(EXERCISE MATERIALS begins)

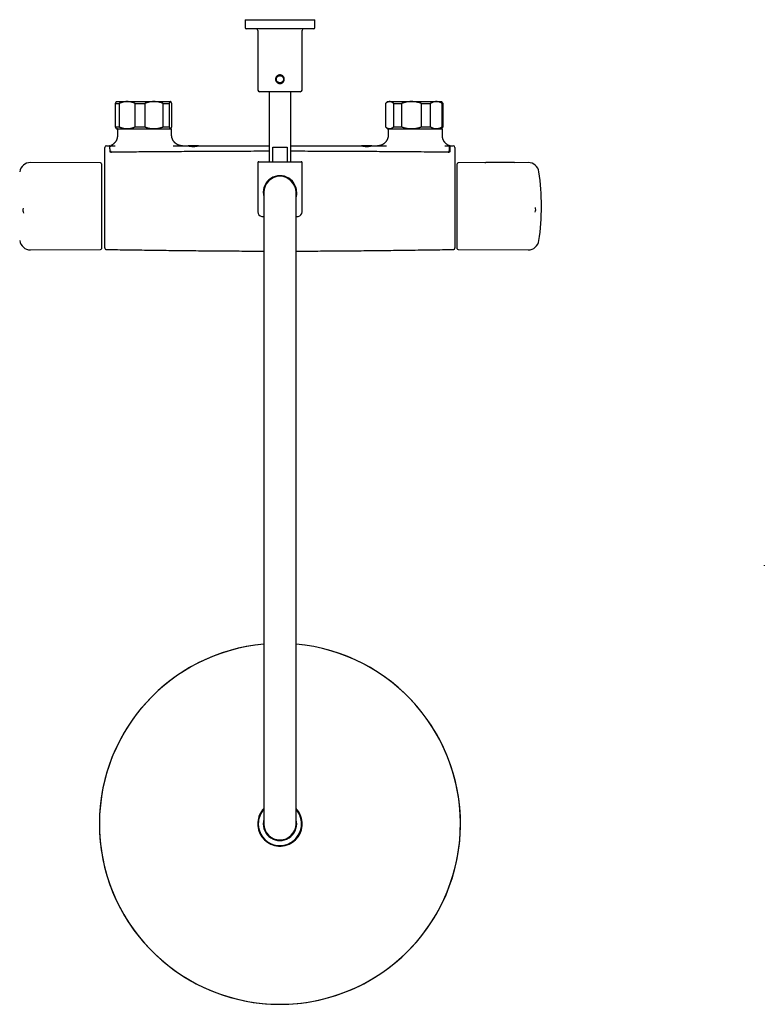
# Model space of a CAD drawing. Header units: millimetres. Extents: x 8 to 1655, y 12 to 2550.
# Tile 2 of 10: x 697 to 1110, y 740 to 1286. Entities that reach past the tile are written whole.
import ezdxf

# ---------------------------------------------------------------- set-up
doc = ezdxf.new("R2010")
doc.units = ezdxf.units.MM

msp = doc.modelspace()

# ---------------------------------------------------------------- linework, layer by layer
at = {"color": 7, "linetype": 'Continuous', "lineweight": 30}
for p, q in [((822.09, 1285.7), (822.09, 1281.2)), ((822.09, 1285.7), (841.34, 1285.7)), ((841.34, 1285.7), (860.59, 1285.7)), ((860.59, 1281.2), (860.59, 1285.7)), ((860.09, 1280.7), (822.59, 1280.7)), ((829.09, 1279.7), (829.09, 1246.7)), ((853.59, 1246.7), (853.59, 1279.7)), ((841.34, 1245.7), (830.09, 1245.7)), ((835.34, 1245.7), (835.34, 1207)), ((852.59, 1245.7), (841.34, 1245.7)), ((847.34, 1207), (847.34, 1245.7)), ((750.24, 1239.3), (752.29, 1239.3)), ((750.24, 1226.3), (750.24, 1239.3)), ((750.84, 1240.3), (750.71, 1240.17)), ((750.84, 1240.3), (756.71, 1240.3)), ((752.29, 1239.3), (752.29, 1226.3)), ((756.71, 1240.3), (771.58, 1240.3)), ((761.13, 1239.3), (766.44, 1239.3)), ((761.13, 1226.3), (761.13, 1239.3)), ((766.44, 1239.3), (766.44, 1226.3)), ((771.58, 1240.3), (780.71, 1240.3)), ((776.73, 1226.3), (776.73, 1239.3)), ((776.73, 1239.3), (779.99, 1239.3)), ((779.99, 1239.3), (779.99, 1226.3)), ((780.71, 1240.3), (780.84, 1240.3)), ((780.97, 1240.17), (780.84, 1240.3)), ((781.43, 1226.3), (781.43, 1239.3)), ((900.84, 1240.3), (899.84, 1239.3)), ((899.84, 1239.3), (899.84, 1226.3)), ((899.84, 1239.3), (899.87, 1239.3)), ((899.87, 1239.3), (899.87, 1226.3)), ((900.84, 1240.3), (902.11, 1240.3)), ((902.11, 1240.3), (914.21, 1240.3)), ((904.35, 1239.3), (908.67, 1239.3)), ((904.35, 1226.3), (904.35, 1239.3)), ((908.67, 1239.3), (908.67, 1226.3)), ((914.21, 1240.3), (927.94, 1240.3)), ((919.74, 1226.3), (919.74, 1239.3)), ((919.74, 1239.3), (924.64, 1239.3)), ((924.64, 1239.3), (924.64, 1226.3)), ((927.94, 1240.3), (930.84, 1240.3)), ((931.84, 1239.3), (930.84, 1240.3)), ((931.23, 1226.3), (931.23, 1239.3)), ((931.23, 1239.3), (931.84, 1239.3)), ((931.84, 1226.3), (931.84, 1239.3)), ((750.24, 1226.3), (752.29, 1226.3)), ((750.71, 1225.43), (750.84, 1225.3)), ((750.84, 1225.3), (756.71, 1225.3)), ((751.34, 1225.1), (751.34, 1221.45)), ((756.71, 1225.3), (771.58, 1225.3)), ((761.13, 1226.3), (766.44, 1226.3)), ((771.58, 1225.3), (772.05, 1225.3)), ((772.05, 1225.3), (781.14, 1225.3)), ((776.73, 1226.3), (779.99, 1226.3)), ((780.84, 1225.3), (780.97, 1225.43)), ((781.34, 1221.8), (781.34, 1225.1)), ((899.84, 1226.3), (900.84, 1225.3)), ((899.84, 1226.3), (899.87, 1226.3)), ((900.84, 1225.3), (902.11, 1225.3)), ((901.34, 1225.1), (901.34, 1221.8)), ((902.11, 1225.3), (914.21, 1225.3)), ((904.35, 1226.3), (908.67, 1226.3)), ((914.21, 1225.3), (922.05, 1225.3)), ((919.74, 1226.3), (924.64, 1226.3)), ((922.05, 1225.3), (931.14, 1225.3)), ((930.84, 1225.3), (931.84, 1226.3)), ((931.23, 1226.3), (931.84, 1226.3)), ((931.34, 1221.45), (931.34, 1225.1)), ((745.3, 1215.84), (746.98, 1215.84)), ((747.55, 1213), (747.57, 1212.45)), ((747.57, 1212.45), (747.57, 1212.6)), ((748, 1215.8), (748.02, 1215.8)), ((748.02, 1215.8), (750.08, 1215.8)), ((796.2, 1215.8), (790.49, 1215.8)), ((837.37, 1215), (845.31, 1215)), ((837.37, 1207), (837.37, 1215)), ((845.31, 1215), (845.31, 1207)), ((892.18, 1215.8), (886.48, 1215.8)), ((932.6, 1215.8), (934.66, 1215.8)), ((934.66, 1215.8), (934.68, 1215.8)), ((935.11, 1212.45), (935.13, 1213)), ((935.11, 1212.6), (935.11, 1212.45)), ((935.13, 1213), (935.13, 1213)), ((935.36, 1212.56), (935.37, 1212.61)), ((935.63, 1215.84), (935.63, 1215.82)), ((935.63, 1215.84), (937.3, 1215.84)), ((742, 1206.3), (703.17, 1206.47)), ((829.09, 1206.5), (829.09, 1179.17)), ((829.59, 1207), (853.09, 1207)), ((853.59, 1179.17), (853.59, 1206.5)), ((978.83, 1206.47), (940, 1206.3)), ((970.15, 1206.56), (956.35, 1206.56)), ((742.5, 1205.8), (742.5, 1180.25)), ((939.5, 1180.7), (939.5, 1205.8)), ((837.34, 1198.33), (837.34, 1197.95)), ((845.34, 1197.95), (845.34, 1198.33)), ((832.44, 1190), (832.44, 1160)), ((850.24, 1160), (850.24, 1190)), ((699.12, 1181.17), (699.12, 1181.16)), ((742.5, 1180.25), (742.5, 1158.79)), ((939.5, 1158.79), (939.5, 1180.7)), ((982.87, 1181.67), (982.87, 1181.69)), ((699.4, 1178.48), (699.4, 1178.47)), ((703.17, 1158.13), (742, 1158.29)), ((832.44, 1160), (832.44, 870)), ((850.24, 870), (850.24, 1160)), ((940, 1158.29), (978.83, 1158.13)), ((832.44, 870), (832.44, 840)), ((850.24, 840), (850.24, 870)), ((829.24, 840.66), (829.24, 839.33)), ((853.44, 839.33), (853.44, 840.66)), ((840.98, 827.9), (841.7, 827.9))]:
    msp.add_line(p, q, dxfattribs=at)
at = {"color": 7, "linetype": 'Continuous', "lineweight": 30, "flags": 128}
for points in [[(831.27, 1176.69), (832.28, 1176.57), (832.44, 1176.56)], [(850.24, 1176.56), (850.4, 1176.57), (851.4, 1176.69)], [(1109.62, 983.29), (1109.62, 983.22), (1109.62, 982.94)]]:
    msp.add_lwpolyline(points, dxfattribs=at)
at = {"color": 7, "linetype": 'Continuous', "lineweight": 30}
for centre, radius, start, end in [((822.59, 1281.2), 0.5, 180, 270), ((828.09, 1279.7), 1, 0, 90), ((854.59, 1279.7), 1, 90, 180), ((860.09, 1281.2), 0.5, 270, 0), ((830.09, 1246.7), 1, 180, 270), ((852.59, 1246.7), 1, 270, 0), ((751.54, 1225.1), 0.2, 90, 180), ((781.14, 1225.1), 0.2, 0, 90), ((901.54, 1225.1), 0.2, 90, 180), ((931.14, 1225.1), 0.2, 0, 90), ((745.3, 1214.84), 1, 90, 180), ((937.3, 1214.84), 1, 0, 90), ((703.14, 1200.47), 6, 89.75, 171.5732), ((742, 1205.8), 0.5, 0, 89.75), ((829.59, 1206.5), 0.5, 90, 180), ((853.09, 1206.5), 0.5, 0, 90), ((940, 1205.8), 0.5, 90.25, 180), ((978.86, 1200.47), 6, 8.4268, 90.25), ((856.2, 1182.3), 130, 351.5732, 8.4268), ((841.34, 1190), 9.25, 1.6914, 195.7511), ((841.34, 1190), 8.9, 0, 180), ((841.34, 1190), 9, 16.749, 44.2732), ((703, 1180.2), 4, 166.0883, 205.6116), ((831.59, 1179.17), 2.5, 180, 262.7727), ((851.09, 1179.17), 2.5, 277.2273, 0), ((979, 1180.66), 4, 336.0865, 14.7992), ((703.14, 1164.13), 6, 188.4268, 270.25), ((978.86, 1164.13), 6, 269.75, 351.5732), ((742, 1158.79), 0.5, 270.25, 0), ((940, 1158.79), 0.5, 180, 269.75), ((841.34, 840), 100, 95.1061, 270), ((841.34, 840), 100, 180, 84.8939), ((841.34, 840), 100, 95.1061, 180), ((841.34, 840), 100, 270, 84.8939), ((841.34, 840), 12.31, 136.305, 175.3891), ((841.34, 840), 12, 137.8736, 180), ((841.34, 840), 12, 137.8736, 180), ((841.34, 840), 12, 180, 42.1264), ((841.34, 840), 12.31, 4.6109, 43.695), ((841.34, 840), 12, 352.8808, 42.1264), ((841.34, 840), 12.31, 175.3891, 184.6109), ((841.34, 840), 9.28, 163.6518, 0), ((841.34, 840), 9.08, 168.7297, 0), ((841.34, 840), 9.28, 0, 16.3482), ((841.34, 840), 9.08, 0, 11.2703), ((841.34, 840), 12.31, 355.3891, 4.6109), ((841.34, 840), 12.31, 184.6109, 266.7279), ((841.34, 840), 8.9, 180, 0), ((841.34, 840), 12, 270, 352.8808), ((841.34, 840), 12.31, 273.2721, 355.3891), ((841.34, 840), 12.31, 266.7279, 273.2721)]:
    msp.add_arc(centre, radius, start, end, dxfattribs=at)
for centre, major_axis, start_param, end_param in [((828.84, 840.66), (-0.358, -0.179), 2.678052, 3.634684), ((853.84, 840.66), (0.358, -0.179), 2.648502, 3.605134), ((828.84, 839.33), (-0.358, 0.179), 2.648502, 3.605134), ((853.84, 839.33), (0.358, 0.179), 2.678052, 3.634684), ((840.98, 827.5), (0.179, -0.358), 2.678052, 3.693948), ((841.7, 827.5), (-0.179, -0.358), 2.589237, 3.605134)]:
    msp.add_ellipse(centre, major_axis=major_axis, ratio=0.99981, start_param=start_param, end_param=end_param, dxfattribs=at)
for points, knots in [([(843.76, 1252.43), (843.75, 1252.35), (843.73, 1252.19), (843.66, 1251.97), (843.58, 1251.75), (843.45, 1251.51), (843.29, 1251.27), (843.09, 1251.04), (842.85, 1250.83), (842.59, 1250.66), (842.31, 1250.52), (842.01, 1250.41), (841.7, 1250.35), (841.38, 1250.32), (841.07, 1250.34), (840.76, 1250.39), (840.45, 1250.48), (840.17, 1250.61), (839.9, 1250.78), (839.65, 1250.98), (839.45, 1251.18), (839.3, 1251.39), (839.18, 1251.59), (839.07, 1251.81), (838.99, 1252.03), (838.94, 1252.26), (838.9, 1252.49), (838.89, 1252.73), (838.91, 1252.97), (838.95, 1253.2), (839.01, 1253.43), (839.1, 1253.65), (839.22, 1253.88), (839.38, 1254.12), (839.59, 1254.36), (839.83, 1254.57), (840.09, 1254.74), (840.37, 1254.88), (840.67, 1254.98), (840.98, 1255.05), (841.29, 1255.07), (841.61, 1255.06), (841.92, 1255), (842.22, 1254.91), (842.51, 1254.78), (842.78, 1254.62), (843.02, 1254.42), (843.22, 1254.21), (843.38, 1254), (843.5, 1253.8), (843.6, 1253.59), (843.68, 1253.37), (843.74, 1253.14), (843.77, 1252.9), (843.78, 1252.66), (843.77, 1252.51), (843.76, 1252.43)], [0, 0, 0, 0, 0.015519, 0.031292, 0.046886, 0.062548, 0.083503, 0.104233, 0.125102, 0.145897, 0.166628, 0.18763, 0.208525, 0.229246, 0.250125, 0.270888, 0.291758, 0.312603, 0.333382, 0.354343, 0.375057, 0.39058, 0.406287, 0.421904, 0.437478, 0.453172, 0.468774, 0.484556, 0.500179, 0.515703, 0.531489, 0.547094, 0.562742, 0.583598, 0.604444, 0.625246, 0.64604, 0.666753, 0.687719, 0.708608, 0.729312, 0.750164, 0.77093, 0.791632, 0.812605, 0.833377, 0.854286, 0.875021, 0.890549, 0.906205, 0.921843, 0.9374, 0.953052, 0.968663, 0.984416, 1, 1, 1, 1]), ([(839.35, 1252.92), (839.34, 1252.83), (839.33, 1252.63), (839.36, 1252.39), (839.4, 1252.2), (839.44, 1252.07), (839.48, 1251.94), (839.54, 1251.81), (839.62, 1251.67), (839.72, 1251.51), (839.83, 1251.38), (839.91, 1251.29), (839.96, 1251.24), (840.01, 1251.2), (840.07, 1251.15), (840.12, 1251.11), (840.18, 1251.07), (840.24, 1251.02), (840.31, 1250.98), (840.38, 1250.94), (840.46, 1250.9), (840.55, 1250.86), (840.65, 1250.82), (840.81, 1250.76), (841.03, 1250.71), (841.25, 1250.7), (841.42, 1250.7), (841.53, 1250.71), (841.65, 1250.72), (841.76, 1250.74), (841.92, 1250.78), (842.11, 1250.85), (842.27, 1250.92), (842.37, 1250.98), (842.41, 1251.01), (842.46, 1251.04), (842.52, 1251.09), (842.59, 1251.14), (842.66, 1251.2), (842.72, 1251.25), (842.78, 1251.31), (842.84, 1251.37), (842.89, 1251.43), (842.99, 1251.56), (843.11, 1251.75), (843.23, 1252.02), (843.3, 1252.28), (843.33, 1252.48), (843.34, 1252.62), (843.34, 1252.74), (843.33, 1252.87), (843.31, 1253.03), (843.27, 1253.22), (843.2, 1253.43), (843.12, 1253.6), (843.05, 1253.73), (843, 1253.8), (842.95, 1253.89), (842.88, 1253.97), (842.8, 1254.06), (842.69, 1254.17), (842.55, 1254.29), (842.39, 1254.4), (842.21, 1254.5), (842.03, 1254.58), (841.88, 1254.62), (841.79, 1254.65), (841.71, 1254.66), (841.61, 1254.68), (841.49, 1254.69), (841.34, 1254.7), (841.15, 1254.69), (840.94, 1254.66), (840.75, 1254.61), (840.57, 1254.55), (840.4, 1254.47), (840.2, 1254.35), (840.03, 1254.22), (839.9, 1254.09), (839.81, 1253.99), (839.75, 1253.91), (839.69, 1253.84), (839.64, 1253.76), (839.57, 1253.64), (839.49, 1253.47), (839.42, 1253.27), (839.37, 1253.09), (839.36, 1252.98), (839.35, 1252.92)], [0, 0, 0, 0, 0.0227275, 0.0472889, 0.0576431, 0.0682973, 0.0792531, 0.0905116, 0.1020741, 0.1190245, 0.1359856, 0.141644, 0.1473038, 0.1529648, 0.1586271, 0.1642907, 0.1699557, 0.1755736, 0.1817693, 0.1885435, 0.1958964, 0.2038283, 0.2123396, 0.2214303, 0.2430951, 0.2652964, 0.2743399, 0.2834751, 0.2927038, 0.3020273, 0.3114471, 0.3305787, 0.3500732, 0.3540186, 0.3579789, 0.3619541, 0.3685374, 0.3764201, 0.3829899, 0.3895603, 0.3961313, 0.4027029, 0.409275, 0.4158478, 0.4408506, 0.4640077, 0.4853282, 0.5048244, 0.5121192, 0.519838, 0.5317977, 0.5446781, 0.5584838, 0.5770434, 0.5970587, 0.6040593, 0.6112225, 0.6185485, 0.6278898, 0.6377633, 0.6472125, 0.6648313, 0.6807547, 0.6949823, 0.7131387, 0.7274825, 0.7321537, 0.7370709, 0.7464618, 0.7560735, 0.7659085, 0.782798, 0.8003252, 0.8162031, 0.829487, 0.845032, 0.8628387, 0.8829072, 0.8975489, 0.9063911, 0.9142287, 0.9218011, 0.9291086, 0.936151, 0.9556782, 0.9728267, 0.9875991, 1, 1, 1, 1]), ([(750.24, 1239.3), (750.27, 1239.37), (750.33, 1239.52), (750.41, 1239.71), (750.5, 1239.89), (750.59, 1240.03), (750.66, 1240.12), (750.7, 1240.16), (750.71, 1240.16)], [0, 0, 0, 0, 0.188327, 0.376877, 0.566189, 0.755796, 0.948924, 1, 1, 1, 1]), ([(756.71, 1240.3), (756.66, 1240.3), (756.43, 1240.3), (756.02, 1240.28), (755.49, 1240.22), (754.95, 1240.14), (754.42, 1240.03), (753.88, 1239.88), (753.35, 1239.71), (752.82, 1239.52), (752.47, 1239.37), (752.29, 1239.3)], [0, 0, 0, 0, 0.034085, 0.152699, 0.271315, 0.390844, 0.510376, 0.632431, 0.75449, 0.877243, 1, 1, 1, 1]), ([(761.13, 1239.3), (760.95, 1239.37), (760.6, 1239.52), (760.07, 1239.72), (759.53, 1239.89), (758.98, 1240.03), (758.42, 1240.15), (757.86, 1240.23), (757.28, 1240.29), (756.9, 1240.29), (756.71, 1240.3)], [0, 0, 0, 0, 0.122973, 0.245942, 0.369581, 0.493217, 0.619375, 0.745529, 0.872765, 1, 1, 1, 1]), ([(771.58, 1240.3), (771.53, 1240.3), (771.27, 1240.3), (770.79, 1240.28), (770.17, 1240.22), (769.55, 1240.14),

(EXERCISE MATERIALS ends)

» **ASSIGNED TASK**: The expected answer is a copy of each line in the listing above that contains "dxfattribs".

» **ANSWER SECTION**:
    msp.add_line(p, q, dxfattribs=at)
    msp.add_lwpolyline(points, dxfattribs=at)
    msp.add_arc(centre, radius, start, end, dxfattribs=at)
    msp.add_ellipse(centre, major_axis=major_axis, ratio=0.99981, start_param=start_param, end_param=end_param, dxfattribs=at)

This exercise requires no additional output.